It is our own lapse that we have never sought to know more about such secret funds. During the tenure of General VK Singh, now Union minister of state for external affairs, a wing called Technical Services Division was created, ostensibly to prepare, plan and execute special operations, “inside depth areas of countries of interest and countering enemy efforts within the country by effective covert means”. The main areas of operations were the North-east and against adversaries in neighbouring countries.

The Army’s internal approvals for raising the TSD reportedly said it would “enable the Military Intelligence Directorate to provide a quick response to any act of state-sponsored terrorism with a high degree of deniability”. It was asked to “cover any tracks leading to the organisation”. Investigations into the functioning of the TSD found many irregularities and withdrawal of funds that could not be explained.

There have been serious allegations from political analysts that the Army and para-military forces have developed a vested interest in keeping the pot of insurgency boiling because that means a continued flow of funds. Interestingly, the TSD was abolished after the retirement of Singh as it did not have the sanction of the defence ministry.
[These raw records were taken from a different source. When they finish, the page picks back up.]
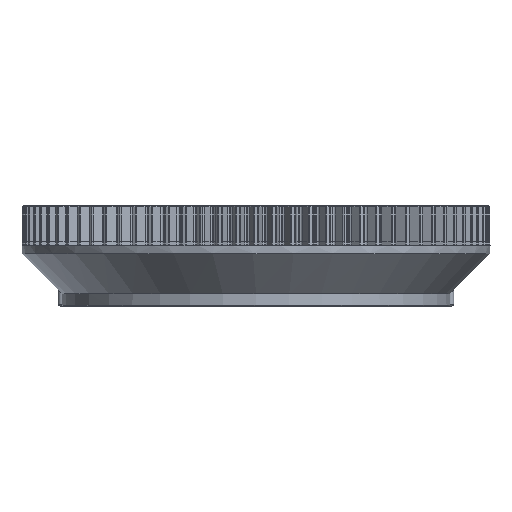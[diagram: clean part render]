
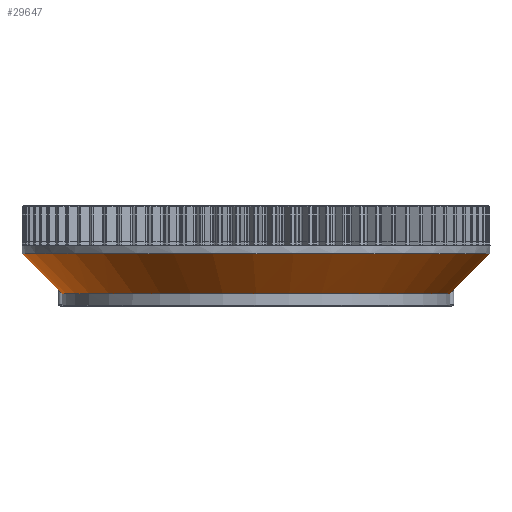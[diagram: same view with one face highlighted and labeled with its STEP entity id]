
A CAD part, left-side view. The second image highlights one B-rep face of the part: STEP entity #29647.
In plain terms, the highlighted conical face has half-angle 45 degrees and reference radius 61.55 mm.
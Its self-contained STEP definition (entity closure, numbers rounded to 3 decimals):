
#435=CONICAL_SURFACE('',#32187,61.55,0.785);
#1082=B_SPLINE_CURVE_WITH_KNOTS('',3,(#86251,#86252,#86253,#86254,#86255,
#86256,#86257,#86258,#86259,#86260,#86261,#86262,#86263,#86264,#86265,#86266,
#86267,#86268,#86269,#86270,#86271,#86272),.UNSPECIFIED.,.F.,.U.,(4,2,2,
2,2,2,2,2,2,2,4),(0.,0.51,1.019,1.438,
1.647,1.857,2.066,2.276,2.695,
3.204,3.714),.UNSPECIFIED.);
#1083=B_SPLINE_CURVE_WITH_KNOTS('',3,(#86280,#86281,#86282,#86283,#86284,
#86285,#86286,#86287,#86288,#86289,#86290,#86291,#86292,#86293,#86294,#86295,
#86296,#86297,#86298,#86299,#86300,#86301),.UNSPECIFIED.,.F.,.U.,(4,2,2,
2,2,2,2,2,2,2,4),(0.,0.51,1.019,1.438,
1.647,1.857,2.066,2.276,2.695,
3.204,3.714),.UNSPECIFIED.);
#2725=CIRCLE('',#32117,51.);
#2750=CIRCLE('',#32188,61.55);
#5894=VERTEX_POINT('',#86250);
#5895=VERTEX_POINT('',#86273);
#5896=VERTEX_POINT('',#86277);
#5897=VERTEX_POINT('',#86302);
#5952=VERTEX_POINT('',#86584);
#15236=EDGE_CURVE('',#5895,#5894,#1082,.T.);
#15238=EDGE_CURVE('',#5896,#5895,#2725,.T.);
#15240=EDGE_CURVE('',#5897,#5896,#1083,.T.);
#15328=EDGE_CURVE('',#5894,#5897,#2725,.T.);
#15329=EDGE_CURVE('',#5952,#5952,#2750,.T.);
#24007=ORIENTED_EDGE('',*,*,#15236,.T.);
#24008=ORIENTED_EDGE('',*,*,#15328,.T.);
#24009=ORIENTED_EDGE('',*,*,#15240,.T.);
#24010=ORIENTED_EDGE('',*,*,#15238,.T.);
#24011=ORIENTED_EDGE('',*,*,#15329,.F.);
#25906=EDGE_LOOP('',(#24007,#24008,#24009,#24010));
#25907=EDGE_LOOP('',(#24011));
#27794=FACE_BOUND('',#25906,.T.);
#27795=FACE_BOUND('',#25907,.T.);
#29647=ADVANCED_FACE('',(#27794,#27795),#435,.T.);
#32117=AXIS2_PLACEMENT_3D('',#86276,#39238,#39239);
#32187=AXIS2_PLACEMENT_3D('',#86582,#39397,#39398);
#32188=AXIS2_PLACEMENT_3D('',#86583,#39399,#39400);
#39238=DIRECTION('',(0.,0.,1.));
#39239=DIRECTION('',(-51.,0.,0.));
#39397=DIRECTION('',(0.,0.,1.));
#39398=DIRECTION('',(-61.55,0.,0.));
#39399=DIRECTION('',(0.,0.,1.));
#39400=DIRECTION('',(61.55,0.,0.));
#86250=CARTESIAN_POINT('',(1.,-50.99,3.35));
#86251=CARTESIAN_POINT('',(-1.,-50.98,3.34));
#86252=CARTESIAN_POINT('',(-1.002,-51.1,3.46));
#86253=CARTESIAN_POINT('',(-0.982,-51.231,3.591));
#86254=CARTESIAN_POINT('',(-0.887,-51.482,3.839));
#86255=CARTESIAN_POINT('',(-0.811,-51.601,3.957));
#86256=CARTESIAN_POINT('',(-0.634,-51.782,4.135));
#86257=CARTESIAN_POINT('',(-0.528,-51.86,4.212));
#86258=CARTESIAN_POINT('',(-0.343,-51.942,4.293));
#86259=CARTESIAN_POINT('',(-0.277,-51.963,4.314));
#86260=CARTESIAN_POINT('',(-0.14,-51.993,4.343));
#86261=CARTESIAN_POINT('',(-0.07,-52.,4.35));
#86262=CARTESIAN_POINT('',(0.07,-52.,4.35));
#86263=CARTESIAN_POINT('',(0.14,-51.993,4.343));
#86264=CARTESIAN_POINT('',(0.277,-51.963,4.314));
#86265=CARTESIAN_POINT('',(0.343,-51.942,4.293));
#86266=CARTESIAN_POINT('',(0.528,-51.86,4.212));
#86267=CARTESIAN_POINT('',(0.634,-51.782,4.135));
#86268=CARTESIAN_POINT('',(0.811,-51.601,3.957));
#86269=CARTESIAN_POINT('',(0.887,-51.482,3.839));
#86270=CARTESIAN_POINT('',(0.982,-51.231,3.591));
#86271=CARTESIAN_POINT('',(1.002,-51.1,3.46));
#86272=CARTESIAN_POINT('',(1.,-50.98,3.34));
#86273=CARTESIAN_POINT('',(-1.,-50.99,3.35));
#86276=CARTESIAN_POINT('',(0.,0.,3.35));
#86277=CARTESIAN_POINT('',(-1.,50.99,3.35));
#86280=CARTESIAN_POINT('',(1.,50.98,3.34));
#86281=CARTESIAN_POINT('',(1.002,51.1,3.46));
#86282=CARTESIAN_POINT('',(0.982,51.231,3.591));
#86283=CARTESIAN_POINT('',(0.887,51.482,3.839));
#86284=CARTESIAN_POINT('',(0.811,51.601,3.957));
#86285=CARTESIAN_POINT('',(0.634,51.782,4.135));
#86286=CARTESIAN_POINT('',(0.528,51.86,4.212));
#86287=CARTESIAN_POINT('',(0.343,51.942,4.293));
#86288=CARTESIAN_POINT('',(0.277,51.963,4.314));
#86289=CARTESIAN_POINT('',(0.14,51.993,4.343));
#86290=CARTESIAN_POINT('',(0.07,52.,4.35));
#86291=CARTESIAN_POINT('',(-0.07,52.,4.35));
#86292=CARTESIAN_POINT('',(-0.14,51.993,4.343));
#86293=CARTESIAN_POINT('',(-0.277,51.963,4.314));
#86294=CARTESIAN_POINT('',(-0.343,51.942,4.293));
#86295=CARTESIAN_POINT('',(-0.528,51.86,4.212));
#86296=CARTESIAN_POINT('',(-0.634,51.782,4.135));
#86297=CARTESIAN_POINT('',(-0.811,51.601,3.957));
#86298=CARTESIAN_POINT('',(-0.887,51.482,3.839));
#86299=CARTESIAN_POINT('',(-0.982,51.231,3.591));
#86300=CARTESIAN_POINT('',(-1.002,51.1,3.46));
#86301=CARTESIAN_POINT('',(-1.,50.98,3.34));
#86302=CARTESIAN_POINT('',(1.,50.99,3.35));
#86582=CARTESIAN_POINT('',(0.,0.,13.9));
#86583=CARTESIAN_POINT('',(0.,0.,13.9));
#86584=CARTESIAN_POINT('',(61.55,0.,13.9));

These are internal strategies, which actually weaken the region and it largely happens because we don’t pay attention to such issues but keep believing the stereotypes fed to us. The fact that over 30 insurgent outfits operate in the Imphal Valley alone should make us ask how they survive if not from government funds. And how have such funds leaked into militants’ coffers when they should be used to build roads and other infrastructure.

The possibilities for collaboration with South-east Asian countries are manifold, however, the region first needs to build on its strengths and identify areas of export and import, and mutually beneficial areas of collaboration. Exchange programmes for college and university students, health tourism especially from Myanmar and Bangladesh, which still lack the basic infrastructure, are opportunities for health-care providers in the region to capitalise on.

Tourism too needs a better and more robust planning so that unique destinations, such as the living root bridges in Meghalaya, and wild life sanctuaries are not short-sold.

The major roadblock remains the need to deconstruct the hyper-ventilated security concerns. Enough harm has been done to the region by keeping it undeveloped because of the fear that better roads would make it easier for the enemy to come in. The manner in which China has developed its peripheries should teach us lessons in adversity. We need better communication within the region and to the rest of the country.

Every state needs to have a fully functioning airport since overseas visitors don’t have the time to spend on road journeys. Our inability to access Chittagong port fully means that states like Meghalaya and Mizoram are still landlocked. The Land Customs stations are also in very poor shape even after 71 years. No one has paid attention to these important trading stations and there is more informal than formal trade happening through them.

VL Srinivasan in his essay, “Roadblocks to North East India,” in Break Bulk Media, mentions the difficulty of moving over-dimensional cargo across the region. Hence these oversized cargo for mega-infrastructure developments such as power plants, airports, fertiliser units and other capital projects are mostly located in the hinterland of the Norh-east, because the moving cargo from mainland India to the North-east, which is land-locked, is often the biggest challenge. But talks with Bangladesh on communication sharing treaty both by land and sea have taken an inordinately long time. This should be the Centres’s priority if India wishes to roll out the Act East Policy and take it from a slogan to reality.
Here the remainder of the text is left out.